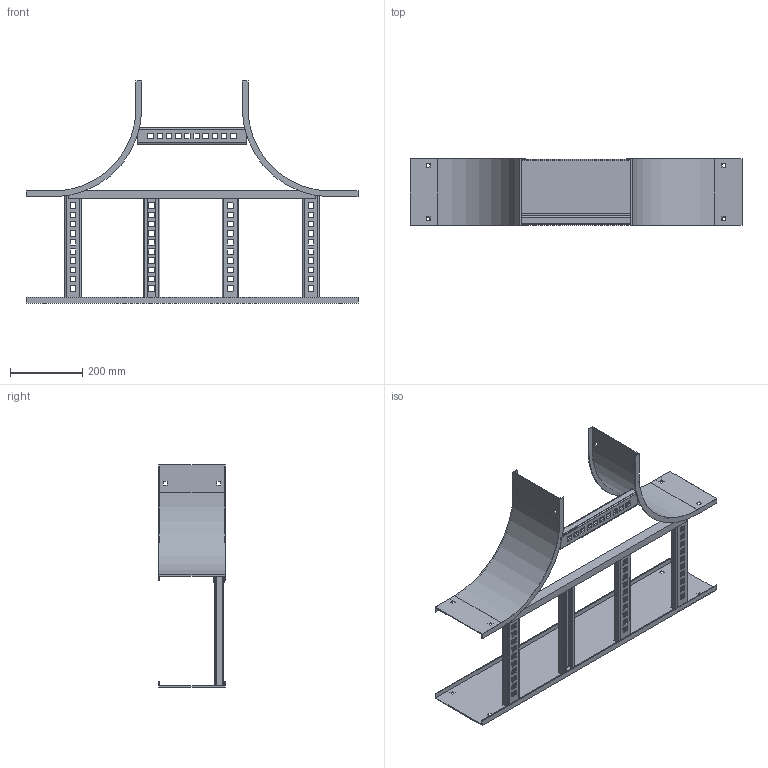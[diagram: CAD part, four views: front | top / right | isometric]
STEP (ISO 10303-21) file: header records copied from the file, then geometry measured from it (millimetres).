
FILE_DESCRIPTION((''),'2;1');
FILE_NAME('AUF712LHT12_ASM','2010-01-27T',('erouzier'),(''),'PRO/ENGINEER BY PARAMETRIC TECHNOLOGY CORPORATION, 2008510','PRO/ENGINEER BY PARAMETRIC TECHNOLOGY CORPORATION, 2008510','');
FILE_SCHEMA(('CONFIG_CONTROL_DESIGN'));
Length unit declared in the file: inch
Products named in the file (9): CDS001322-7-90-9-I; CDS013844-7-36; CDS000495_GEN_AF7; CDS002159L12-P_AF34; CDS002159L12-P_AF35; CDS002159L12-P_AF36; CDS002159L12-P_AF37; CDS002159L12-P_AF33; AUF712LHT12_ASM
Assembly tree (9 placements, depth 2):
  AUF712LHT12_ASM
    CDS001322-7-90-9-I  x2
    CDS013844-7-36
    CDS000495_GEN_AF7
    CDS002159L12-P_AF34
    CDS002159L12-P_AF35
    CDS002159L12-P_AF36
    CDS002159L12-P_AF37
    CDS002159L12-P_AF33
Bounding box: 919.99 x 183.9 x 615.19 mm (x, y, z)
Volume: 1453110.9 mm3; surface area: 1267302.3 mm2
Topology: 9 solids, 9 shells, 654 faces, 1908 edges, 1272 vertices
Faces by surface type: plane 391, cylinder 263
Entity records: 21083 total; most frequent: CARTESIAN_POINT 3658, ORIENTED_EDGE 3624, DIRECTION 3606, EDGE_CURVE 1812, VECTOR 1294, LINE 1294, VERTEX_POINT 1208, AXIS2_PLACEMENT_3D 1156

──────────

## Work to be completed
Apart from the pictures, every line above must be repeated exactly.

## Answer
[diagram: CAD part, four views: front | top / right | isometric]
STEP (ISO 10303-21) file: header records copied from the file, then geometry measured from it (millimetres).
FILE_DESCRIPTION((''),'2;1');
FILE_NAME('AUF712LHT12_ASM','2010-01-27T',('erouzier'),(''),'PRO/ENGINEER BY PARAMETRIC TECHNOLOGY CORPORATION, 2008510','PRO/ENGINEER BY PARAMETRIC TECHNOLOGY CORPORATION, 2008510','');
FILE_SCHEMA(('CONFIG_CONTROL_DESIGN'));
Length unit declared in the file: inch
Products named in the file (9): CDS001322-7-90-9-I; CDS013844-7-36; CDS000495_GEN_AF7; CDS002159L12-P_AF34; CDS002159L12-P_AF35; CDS002159L12-P_AF36; CDS002159L12-P_AF37; CDS002159L12-P_AF33; AUF712LHT12_ASM
Assembly tree (9 placements, depth 2):
  AUF712LHT12_ASM
    CDS001322-7-90-9-I  x2
    CDS013844-7-36
    CDS000495_GEN_AF7
    CDS002159L12-P_AF34
    CDS002159L12-P_AF35
    CDS002159L12-P_AF36
    CDS002159L12-P_AF37
    CDS002159L12-P_AF33
Bounding box: 919.99 x 183.9 x 615.19 mm (x, y, z)
Volume: 1453110.9 mm3; surface area: 1267302.3 mm2
Topology: 9 solids, 9 shells, 654 faces, 1908 edges, 1272 vertices
Faces by surface type: plane 391, cylinder 263
Entity records: 21083 total; most frequent: CARTESIAN_POINT 3658, ORIENTED_EDGE 3624, DIRECTION 3606, EDGE_CURVE 1812, VECTOR 1294, LINE 1294, VERTEX_POINT 1208, AXIS2_PLACEMENT_3D 1156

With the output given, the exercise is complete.